Real-Life Cyclone Stories

Tropical Cyclone Yasi, Queensland - February 2011

On 3 February 2011, Category 5 Tropical Cyclone Yasi crossed the Queensland coast. It was a massive 1450 km in diameter and moved at approximately 25 km per hour with wind gusts of 285 km per hour (though no equipment was able to directly measure the winds). Thousands of people were evacuated from Cairns as it was feared the city would take a direct hit.

Yasi struck Mission Beach, near Cardwell, and the World Heritage listed Hinchinbrook Island. Luckily no one was killed, but it did flatten sugar cane and banana crops, huge areas of trees and many buildings. The cyclone was so powerful that it didn't completely disperse until it reached the centre of Australia, near Alice Springs. It is estimated that Cyclone Yasi cost $3.6 billion in damage - the most costly cyclone in Australia to date.

Tropical Cyclone Larry, Queensland – March 2006

Tropical Cyclone Larry devastated far north Queensland when it hit on 20 March 2006. It developed in the Coral Sea and was carefully monitored by the Bureau of Meteorology, until it was officially determined to be a Category 3 cyclone. The next 48 hours were crucial in ensuring people were evacuated and took the necessary precautions to stay safe.

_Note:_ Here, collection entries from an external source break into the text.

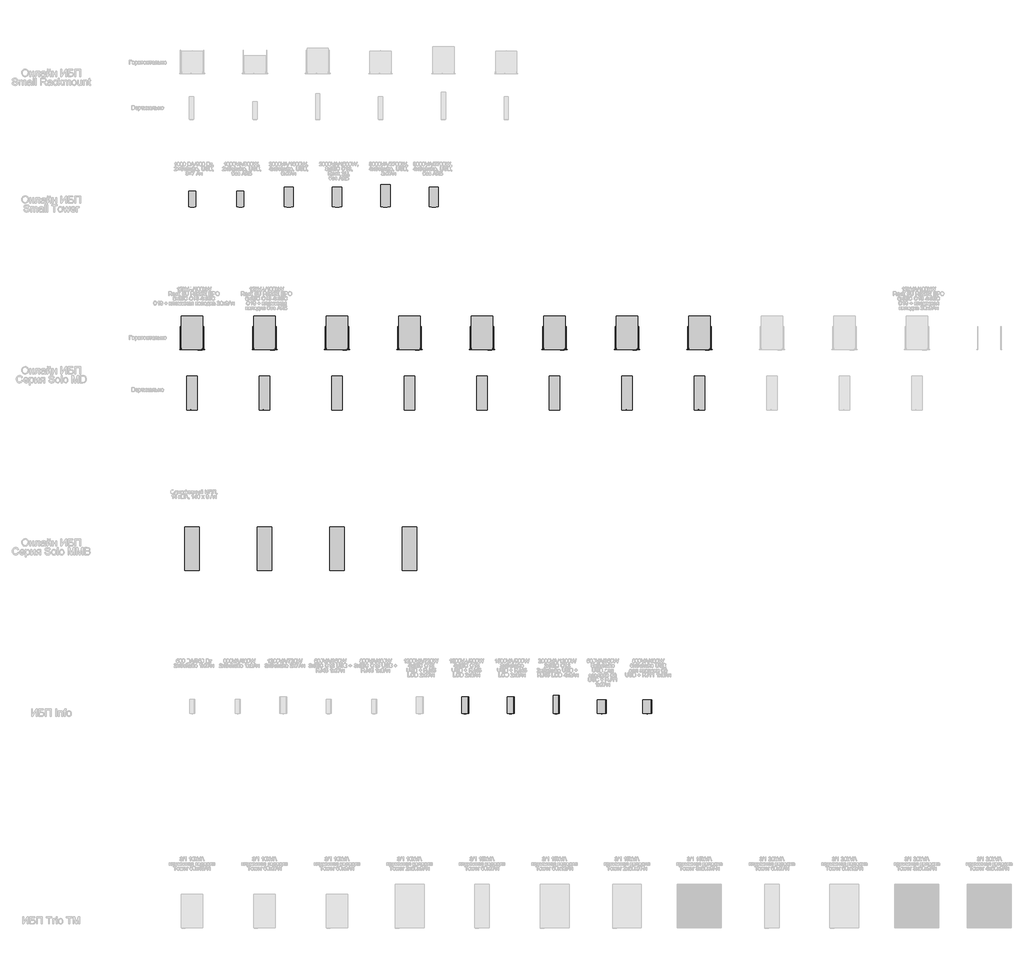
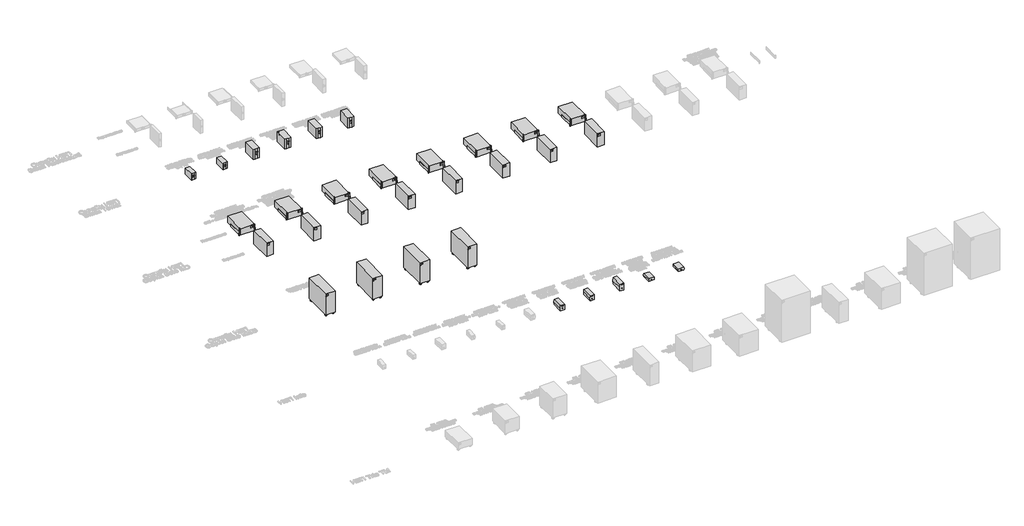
# One storey, part 2 of 74: 138 proxies.
"""IFC4 building model written with IfcOpenShell, lengths in millimetres."""

from ifc_helpers import new_model, si_unit, origin, place, context, project, spatial, transform, mapped, element, save
from components import electrical_equipment_6c59c8ee, electrical_equipment_fbf8d0cd, electrical_equipment_228549ca, electrical_equipment_7379c805, electrical_equipment_2a145548, electrical_equipment_1890145e, electrical_equipment_459813d2, electrical_equipment_41c59be0, electrical_equipment_2c9e7c44, electrical_equipment_71196d91, electrical_equipment_f6df29bd, electrical_equipment_1e044531, electrical_equipment_7d37a404, as400_464786aa

model = new_model("IFC4")

# Units and contexts
model_context = context("Model", 3, world=origin())
ifc_project = project(units=[si_unit("LENGTHUNIT", "METRE", prefix="MILLI")], contexts=[model_context])

# Site, building, storey
site = spatial("IfcSite", under=ifc_project)
building = spatial("IfcBuilding", under=site)
storey = spatial("IfcBuildingStorey", under=building, Name="Этаж 01", Elevation=0.0)

# Proxies
placement = place(None, origin())
electrical_equipment_shape = electrical_equipment_6c59c8ee(model_context)
element("IfcBuildingElementProxy", 1, Name="Ролики серия Solo : FONRMMD", ObjectType="Ролики серия Solo : FONRMMD", at=placement, inside=storey, context=model_context, shape_type="MappedRepresentation", body=[
    mapped(electrical_equipment_shape, transform((1352.6732678, -8665.8717328, 0.0), x_axis=(-1.0, 0.0, 0.0), y_axis=(0.0, -1.0, 0.0), z_axis=(0.0, 0.0, 1.0))),
])
element("IfcBuildingElementProxy", 2, Name="Ролики серия Solo : FONRMMD", ObjectType="Ролики серия Solo : FONRMMD", at=placement, inside=storey, context=model_context, shape_type="MappedRepresentation", body=[
    mapped(electrical_equipment_shape, transform((2852.6732678, -8665.8717328, 0.0), x_axis=(-1.0, 0.0, 0.0), y_axis=(0.0, -1.0, 0.0), z_axis=(0.0, 0.0, 1.0))),
])
element("IfcBuildingElementProxy", 3, Name="Ролики серия Solo : FONRMMD", ObjectType="Ролики серия Solo : FONRMMD", at=placement, inside=storey, context=model_context, shape_type="MappedRepresentation", body=[
    mapped(electrical_equipment_shape, transform((4352.6732678, -8665.8717328, 0.0), x_axis=(-1.0, 0.0, 0.0), y_axis=(0.0, -1.0, 0.0), z_axis=(0.0, 0.0, 1.0))),
])
element("IfcBuildingElementProxy", 4, Name="Ролики серия Solo : FONRMMD", ObjectType="Ролики серия Solo : FONRMMD", at=placement, inside=storey, context=model_context, shape_type="MappedRepresentation", body=[
    mapped(electrical_equipment_shape, transform((5852.6732678, -8665.8717328, 0.0), x_axis=(-1.0, 0.0, 0.0), y_axis=(0.0, -1.0, 0.0), z_axis=(0.0, 0.0, 1.0))),
])
electrical_equipment_2_shape = electrical_equipment_fbf8d0cd(model_context)
element("IfcBuildingElementProxy", 5, Name="НВО_КНС_ОнлайнИБПSmallTower_DKC : 1000 ВА", ObjectType="НВО_КНС_ОнлайнИБПSmallTower_DKC : 1000 ВА", at=placement, inside=storey, context=model_context, shape_type="MappedRepresentation", body=[
    mapped(electrical_equipment_2_shape, transform((1352.6732678, -1593.7898298, 0.0), x_axis=(1.0, 0.0, 0.0), y_axis=(0.0, 1.0, 0.0), z_axis=(0.0, 0.0, 1.0))),
])
electrical_equipment_3_shape = electrical_equipment_228549ca(model_context)
element("IfcBuildingElementProxy", 6, Name="НВО_КНС_ОнлайнИБПSmallTower_DKC : 2000 ВА", ObjectType="НВО_КНС_ОнлайнИБПSmallTower_DKC : 2000 ВА", at=placement, inside=storey, context=model_context, shape_type="MappedRepresentation", body=[
    mapped(electrical_equipment_3_shape, transform((3352.6732678, -1593.7898298, 0.0), x_axis=(1.0, 0.0, 0.0), y_axis=(0.0, 1.0, 0.0), z_axis=(0.0, 0.0, 1.0))),
])
element("IfcBuildingElementProxy", 7, Name="НВО_КНС_ОнлайнИБПSmallTower_DKC : 2000 ВА, без АКБ", ObjectType="НВО_КНС_ОнлайнИБПSmallTower_DKC : 2000 ВА, без АКБ", at=placement, inside=storey, context=model_context, shape_type="MappedRepresentation", body=[
    mapped(electrical_equipment_3_shape, transform((4352.6732678, -1593.7898298, 0.0), x_axis=(1.0, 0.0, 0.0), y_axis=(0.0, 1.0, 0.0), z_axis=(0.0, 0.0, 1.0))),
])
electrical_equipment_4_shape = electrical_equipment_7379c805(model_context)
element("IfcBuildingElementProxy", 8, Name="НВО_КНС_ОнлайнИБПSmallTower_DKC : 3000 ВА", ObjectType="НВО_КНС_ОнлайнИБПSmallTower_DKC : 3000 ВА", at=placement, inside=storey, context=model_context, shape_type="MappedRepresentation", body=[
    mapped(electrical_equipment_4_shape, transform((5352.6732678, -1593.7898298, 0.0), x_axis=(1.0, 0.0, 0.0), y_axis=(0.0, 1.0, 0.0), z_axis=(0.0, 0.0, 1.0))),
])
element("IfcBuildingElementProxy", 9, Name="НВО_КНС_ОнлайнИБПSmallTower_DKC : 3000 ВА, без АКБ", ObjectType="НВО_КНС_ОнлайнИБПSmallTower_DKC : 3000 ВА, без АКБ", at=placement, inside=storey, context=model_context, shape_type="MappedRepresentation", body=[
    mapped(electrical_equipment_3_shape, transform((6352.6732678, -1593.7898298, 0.0), x_axis=(1.0, 0.0, 0.0), y_axis=(0.0, 1.0, 0.0), z_axis=(0.0, 0.0, 1.0))),
])
electrical_equipment_5_shape = electrical_equipment_2a145548(model_context)
element("IfcBuildingElementProxy", 10, Name="НВО_КНС_ОнлайнИБПСерияSoloMD_DKC : Solo MD 12kVA/108kW без АКБ", ObjectType="НВО_КНС_ОнлайнИБПСерияSoloMD_DKC : Solo MD 12kVA/108kW без АКБ", at=placement, inside=storey, context=model_context, shape_type="MappedRepresentation", body=[
    mapped(electrical_equipment_5_shape, transform((2852.6732678, -4545.8084587, 0.0), x_axis=(1.0, 0.0, 0.0), y_axis=(0.0, 1.0, 0.0), z_axis=(0.0, 0.0, 1.0))),
])
element("IfcBuildingElementProxy", 11, Name="НВО_КНС_ОнлайнИБПСерияSoloMD_DKC : Solo MD 4000VA/3600W без АКБ", ObjectType="НВО_КНС_ОнлайнИБПСерияSoloMD_DKC : Solo MD 4000VA/3600W без АКБ", at=placement, inside=storey, context=model_context, shape_type="MappedRepresentation", body=[
    mapped(electrical_equipment_5_shape, transform((11852.6732678, -4545.8084587, 0.0), x_axis=(1.0, 0.0, 0.0), y_axis=(0.0, 1.0, 0.0), z_axis=(0.0, 0.0, 1.0))),
])
element("IfcBuildingElementProxy", 12, Name="НВО_КНС_ОнлайнИБПСерияSoloMD_DKC : Solo MD 4000VA/3600W 12x7Ач", ObjectType="НВО_КНС_ОнлайнИБПСерияSoloMD_DKC : Solo MD 4000VA/3600W 12x7Ач", at=placement, inside=storey, context=model_context, shape_type="MappedRepresentation", body=[
    mapped(electrical_equipment_5_shape, transform((7352.6732678, -4545.8084587, 0.0), x_axis=(1.0, 0.0, 0.0), y_axis=(0.0, 1.0, 0.0), z_axis=(0.0, 0.0, 1.0))),
])
element("IfcBuildingElementProxy", 13, Name="НВО_КНС_ОнлайнИБПСерияSoloMD_DKC : Solo MD 4000VA/3600W 15x7Ач", ObjectType="НВО_КНС_ОнлайнИБПСерияSoloMD_DKC : Solo MD 4000VA/3600W 15x7Ач", at=placement, inside=storey, context=model_context, shape_type="MappedRepresentation", body=[
    mapped(electrical_equipment_5_shape, transform((8852.6732678, -4545.8084587, 0.0), x_axis=(1.0, 0.0, 0.0), y_axis=(0.0, 1.0, 0.0), z_axis=(0.0, 0.0, 1.0))),
])
element("IfcBuildingElementProxy", 14, Name="НВО_КНС_ОнлайнИБПСерияSoloMD_DKC : Solo MD 4000VA/3600W 15x9Ач", ObjectType="НВО_КНС_ОнлайнИБПСерияSoloMD_DKC : Solo MD 4000VA/3600W 15x9Ач", at=placement, inside=storey, context=model_context, shape_type="MappedRepresentation", body=[
    mapped(electrical_equipment_5_shape, transform((10352.6732678, -4545.8084587, 0.0), x_axis=(1.0, 0.0, 0.0), y_axis=(0.0, 1.0, 0.0), z_axis=(0.0, 0.0, 1.0))),
])
element("IfcBuildingElementProxy", 15, Name="НВО_КНС_ОнлайнИБПСерияSoloMD_DKC : Solo MD 4000VA/3600W 2x15x7Ач", ObjectType="НВО_КНС_ОнлайнИБПСерияSoloMD_DKC : Solo MD 4000VA/3600W 2x15x7Ач", at=placement, inside=storey, context=model_context, shape_type="MappedRepresentation", body=[
    mapped(electrical_equipment_5_shape, transform((4352.6732678, -4545.8084587, 0.0), x_axis=(1.0, 0.0, 0.0), y_axis=(0.0, 1.0, 0.0), z_axis=(0.0, 0.0, 1.0))),
])
element("IfcBuildingElementProxy", 16, Name="НВО_КНС_ОнлайнИБПСерияSoloMD_DKC : Solo MD 4000VA/3600W 2x15x9Ач", ObjectType="НВО_КНС_ОнлайнИБПСерияSoloMD_DKC : Solo MD 4000VA/3600W 2x15x9Ач", at=placement, inside=storey, context=model_context, shape_type="MappedRepresentation", body=[
    mapped(electrical_equipment_5_shape, transform((5852.6732678, -4545.8084587, 0.0), x_axis=(1.0, 0.0, 0.0), y_axis=(0.0, 1.0, 0.0), z_axis=(0.0, 0.0, 1.0))),
])
electrical_equipment_6_shape = electrical_equipment_1890145e(model_context)
element("IfcBuildingElementProxy", 17, Name="НВО_КНС_ОнлайнИБПСерияSoloMD_DKC : Solo MD 12kVA/108kW 20x9Ач", ObjectType="НВО_КНС_ОнлайнИБПСерияSoloMD_DKC : Solo MD 12kVA/108kW 20x9Ач", at=placement, inside=storey, context=model_context, shape_type="MappedRepresentation", body=[
    mapped(electrical_equipment_6_shape, transform((1352.6732678, -5790.8873535, 0.0), x_axis=(1.0, 0.0, 0.0), y_axis=(0.0, 1.0, 0.0), z_axis=(0.0, 0.0, 1.0))),
])
element("IfcBuildingElementProxy", 18, Name="НВО_КНС_ОнлайнИБПСерияSoloMD_DKC : Solo MD 12kVA/108kW без АКБ", ObjectType="НВО_КНС_ОнлайнИБПСерияSoloMD_DKC : Solo MD 12kVA/108kW без АКБ", at=placement, inside=storey, context=model_context, shape_type="MappedRepresentation", body=[
    mapped(electrical_equipment_6_shape, transform((2852.6732678, -5790.8873535, 0.0), x_axis=(1.0, 0.0, 0.0), y_axis=(0.0, 1.0, 0.0), z_axis=(0.0, 0.0, 1.0))),
])
element("IfcBuildingElementProxy", 19, Name="НВО_КНС_ОнлайнИБПСерияSoloMD_DKC : Solo MD 4000VA/3600W 2x15x7Ач", ObjectType="НВО_КНС_ОнлайнИБПСерияSoloMD_DKC : Solo MD 4000VA/3600W 2x15x7Ач", at=placement, inside=storey, context=model_context, shape_type="MappedRepresentation", body=[
    mapped(electrical_equipment_6_shape, transform((4352.6732678, -5790.8873535, 0.0), x_axis=(1.0, 0.0, 0.0), y_axis=(0.0, 1.0, 0.0), z_axis=(0.0, 0.0, 1.0))),
])
element("IfcBuildingElementProxy", 20, Name="НВО_КНС_ОнлайнИБПСерияSoloMD_DKC : Solo MD 4000VA/3600W 2x15x9Ач", ObjectType="НВО_КНС_ОнлайнИБПСерияSoloMD_DKC : Solo MD 4000VA/3600W 2x15x9Ач", at=placement, inside=storey, context=model_context, shape_type="MappedRepresentation", body=[
    mapped(electrical_equipment_6_shape, transform((5852.6732678, -5790.8873535, 0.0), x_axis=(1.0, 0.0, 0.0), y_axis=(0.0, 1.0, 0.0), z_axis=(0.0, 0.0, 1.0))),
])
element("IfcBuildingElementProxy", 21, Name="НВО_КНС_ОнлайнИБПСерияSoloMD_DKC : Solo MD 4000VA/3600W 12x7Ач", ObjectType="НВО_КНС_ОнлайнИБПСерияSoloMD_DKC : Solo MD 4000VA/3600W 12x7Ач", at=placement, inside=storey, context=model_context, shape_type="MappedRepresentation", body=[
    mapped(electrical_equipment_6_shape, transform((7352.6732678, -5790.8873535, 0.0), x_axis=(1.0, 0.0, 0.0), y_axis=(0.0, 1.0, 0.0), z_axis=(0.0, 0.0, 1.0))),
])
element("IfcBuildingElementProxy", 22, Name="НВО_КНС_ОнлайнИБПСерияSoloMD_DKC : Solo MD 4000VA/3600W 15x7Ач", ObjectType="НВО_КНС_ОнлайнИБПСерияSoloMD_DKC : Solo MD 4000VA/3600W 15x7Ач", at=placement, inside=storey, context=model_context, shape_type="MappedRepresentation", body=[
    mapped(electrical_equipment_6_shape, transform((8852.6732678, -5790.8873535, 0.0), x_axis=(1.0, 0.0, 0.0), y_axis=(0.0, 1.0, 0.0), z_axis=(0.0, 0.0, 1.0))),
])
element("IfcBuildingElementProxy", 23, Name="НВО_КНС_ОнлайнИБПСерияSoloMD_DKC : Solo MD 4000VA/3600W 15x9Ач", ObjectType="НВО_КНС_ОнлайнИБПСерияSoloMD_DKC : Solo MD 4000VA/3600W 15x9Ач", at=placement, inside=storey, context=model_context, shape_type="MappedRepresentation", body=[
    mapped(electrical_equipment_6_shape, transform((10352.6732678, -5790.8873535, 0.0), x_axis=(1.0, 0.0, 0.0), y_axis=(0.0, 1.0, 0.0), z_axis=(0.0, 0.0, 1.0))),
])
element("IfcBuildingElementProxy", 24, Name="НВО_КНС_ОнлайнИБПСерияSoloMD_DKC : Solo MD 4000VA/3600W без АКБ", ObjectType="НВО_КНС_ОнлайнИБПСерияSoloMD_DKC : Solo MD 4000VA/3600W без АКБ", at=placement, inside=storey, context=model_context, shape_type="MappedRepresentation", body=[
    mapped(electrical_equipment_6_shape, transform((11852.6732678, -5790.8873535, 0.0), x_axis=(1.0, 0.0, 0.0), y_axis=(0.0, 1.0, 0.0), z_axis=(0.0, 0.0, 1.0))),
])
electrical_equipment_7_shape = electrical_equipment_459813d2(model_context)
element("IfcBuildingElementProxy", 25, Name="НВО_КНС_ИБПInfo_DKC : INFOLCD1500I", ObjectType="НВО_КНС_ИБПInfo_DKC : INFOLCD1500I", at=placement, inside=storey, context=model_context, shape_type="MappedRepresentation", body=[
    mapped(electrical_equipment_7_shape, transform((7003.5013447, -12079.9980002, 0.0), x_axis=(1.0, 0.0, 0.0), y_axis=(0.0, 1.0, 0.0), z_axis=(0.0, 0.0, 1.0))),
])
element("IfcBuildingElementProxy", 26, Name="НВО_КНС_ИБПInfo_DKC : INFOLCD1500S", ObjectType="НВО_КНС_ИБПInfo_DKC : INFOLCD1500S", at=placement, inside=storey, context=model_context, shape_type="MappedRepresentation", body=[
    mapped(electrical_equipment_7_shape, transform((7945.047771, -12079.9980002, 0.0), x_axis=(1.0, 0.0, 0.0), y_axis=(0.0, 1.0, 0.0), z_axis=(0.0, 0.0, 1.0))),
])
electrical_equipment_8_shape = electrical_equipment_41c59be0(model_context)
element("IfcBuildingElementProxy", 27, Name="НВО_КНС_ИБПInfo_DKC : INFOPDU600", ObjectType="НВО_КНС_ИБПInfo_DKC : INFOPDU600", at=placement, inside=storey, context=model_context, shape_type="MappedRepresentation", body=[
    mapped(electrical_equipment_8_shape, transform((9828.1406236, -12079.9980002, 0.0), x_axis=(1.0, 0.0, 0.0), y_axis=(0.0, 1.0, 0.0), z_axis=(0.0, 0.0, 1.0))),
])
element("IfcBuildingElementProxy", 28, Name="НВО_КНС_ИБПInfo_DKC : INFOPDU800", ObjectType="НВО_КНС_ИБПInfo_DKC : INFOPDU800", at=placement, inside=storey, context=model_context, shape_type="MappedRepresentation", body=[
    mapped(electrical_equipment_8_shape, transform((10769.68705, -12079.9980002, 0.0), x_axis=(1.0, 0.0, 0.0), y_axis=(0.0, 1.0, 0.0), z_axis=(0.0, 0.0, 1.0))),
])
electrical_equipment_9_shape = electrical_equipment_2c9e7c44(model_context)
element("IfcBuildingElementProxy", 29, Name="Рельсы для ИБП RAILSMLR : RAILSMLR", ObjectType="Рельсы для ИБП RAILSMLR : RAILSMLR", at=placement, inside=storey, context=model_context, shape_type="MappedRepresentation", body=[
    mapped(electrical_equipment_9_shape, transform((1352.6732678, -4543.8084587, 0.0), x_axis=(1.0, 0.0, 0.0), y_axis=(0.0, 1.0, 0.0), z_axis=(0.0, 0.0, 1.0))),
])
element("IfcBuildingElementProxy", 30, Name="Рельсы для ИБП RAILSMLR : RAILSMLR", ObjectType="Рельсы для ИБП RAILSMLR : RAILSMLR", at=placement, inside=storey, context=model_context, shape_type="MappedRepresentation", body=[
    mapped(electrical_equipment_9_shape, transform((2852.6732678, -4543.8084587, 0.0), x_axis=(1.0, 0.0, 0.0), y_axis=(0.0, 1.0, 0.0), z_axis=(0.0, 0.0, 1.0))),
])
element("IfcBuildingElementProxy", 31, Name="Рельсы для ИБП RAILSMLR : RAILSMLR", ObjectType="Рельсы для ИБП RAILSMLR : RAILSMLR", at=placement, inside=storey, context=model_context, shape_type="MappedRepresentation", body=[
    mapped(electrical_equipment_9_shape, transform((4352.6732678, -4543.8084587, 0.0), x_axis=(1.0, 0.0, 0.0), y_axis=(0.0, 1.0, 0.0), z_axis=(0.0, 0.0, 1.0))),
])
element("IfcBuildingElementProxy", 32, Name="Рельсы для ИБП RAILSMLR : RAILSMLR", ObjectType="Рельсы для ИБП RAILSMLR : RAILSMLR", at=placement, inside=storey, context=model_context, shape_type="MappedRepresentation", body=[
    mapped(electrical_equipment_9_shape, transform((5852.6732678, -4543.8084587, 0.0), x_axis=(1.0, 0.0, 0.0), y_axis=(0.0, 1.0, 0.0), z_axis=(0.0, 0.0, 1.0))),
])
element("IfcBuildingElementProxy", 33, Name="Рельсы для ИБП RAILSMLR : RAILSMLR", ObjectType="Рельсы для ИБП RAILSMLR : RAILSMLR", at=placement, inside=storey, context=model_context, shape_type="MappedRepresentation", body=[
    mapped(electrical_equipment_9_shape, transform((7352.6732678, -4543.8084587, 0.0), x_axis=(1.0, 0.0, 0.0), y_axis=(0.0, 1.0, 0.0), z_axis=(0.0, 0.0, 1.0))),
])
element("IfcBuildingElementProxy", 34, Name="Рельсы для ИБП RAILSMLR : RAILSMLR", ObjectType="Рельсы для ИБП RAILSMLR : RAILSMLR", at=placement, inside=storey, context=model_context, shape_type="MappedRepresentation", body=[
    mapped(electrical_equipment_9_shape, transform((8852.6732678, -4543.8084587, 0.0), x_axis=(1.0, 0.0, 0.0), y_axis=(0.0, 1.0, 0.0), z_axis=(0.0, 0.0, 1.0))),
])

Cyclone Larry increased in wind speed and was upgraded to a Category 4 cyclone with wind speeds up to 240 km per hour. It hit Innisfail in the early hours of 20 March and continued to cause destruction and flooding as it moved west. It weakened as it entered the Atherton Tablelands.

No lives were lost, but the total cost of damage was calculated to be over half a billion dollars. Fields of crops were flattened by the winds, buildings ripped apart and beaches eroded

Tropical Cyclone Bobby, Western Australia – February 1995

This was a Category 4 tropical cyclone that began in the west over the Timor Sea near Darwin.

Cyclone Bobby travelled south along the west coast of Australia and passed near Onslow on the 24 February 1995. It caused considerable damage to homes and buildings. It also brought heavy rains which flooded and damaged roads, bridges and crops and severely affected the mining industry.

During this time, there were two fishing trawlers and a bulk carrier at sea. The carrier ran aground and both fishing trawlers sank, resulting in the loss of seven lives.

Tropical Cyclone Tracy, Northern Territory – December 1974

Tropical Cyclone Tracy was a devastating blow to Darwin. On the 20 December 1974, a low pressure system developed in the Arafura Sea, which lies between Darwin and Papua New Guinea. By the next day, Tropical Cyclone Tracy was formed and a warning was issued.

Over the next two days heavy rains and strong winds were reported and Cyclone Tracy edged closer to Darwin. Due to the time of the year (Christmas), and the reduced threat of severe cyclones, residents took a relaxed approach to the warnings. When Cyclone Tracy struck Darwin in the early hours of Christmas Day, at estimated wind speeds of 250 km per hour, it brought heavy rains and destructive winds.

Forty-nine people lost their lives in Darwin and another 16 were lost at sea. Hundreds were injured and of the city's 11,200 homes, only 400 remained. Due to the lack of food, shelter, water, medical aid and the threats of the spread of diseases, 35,000 people were evacuated.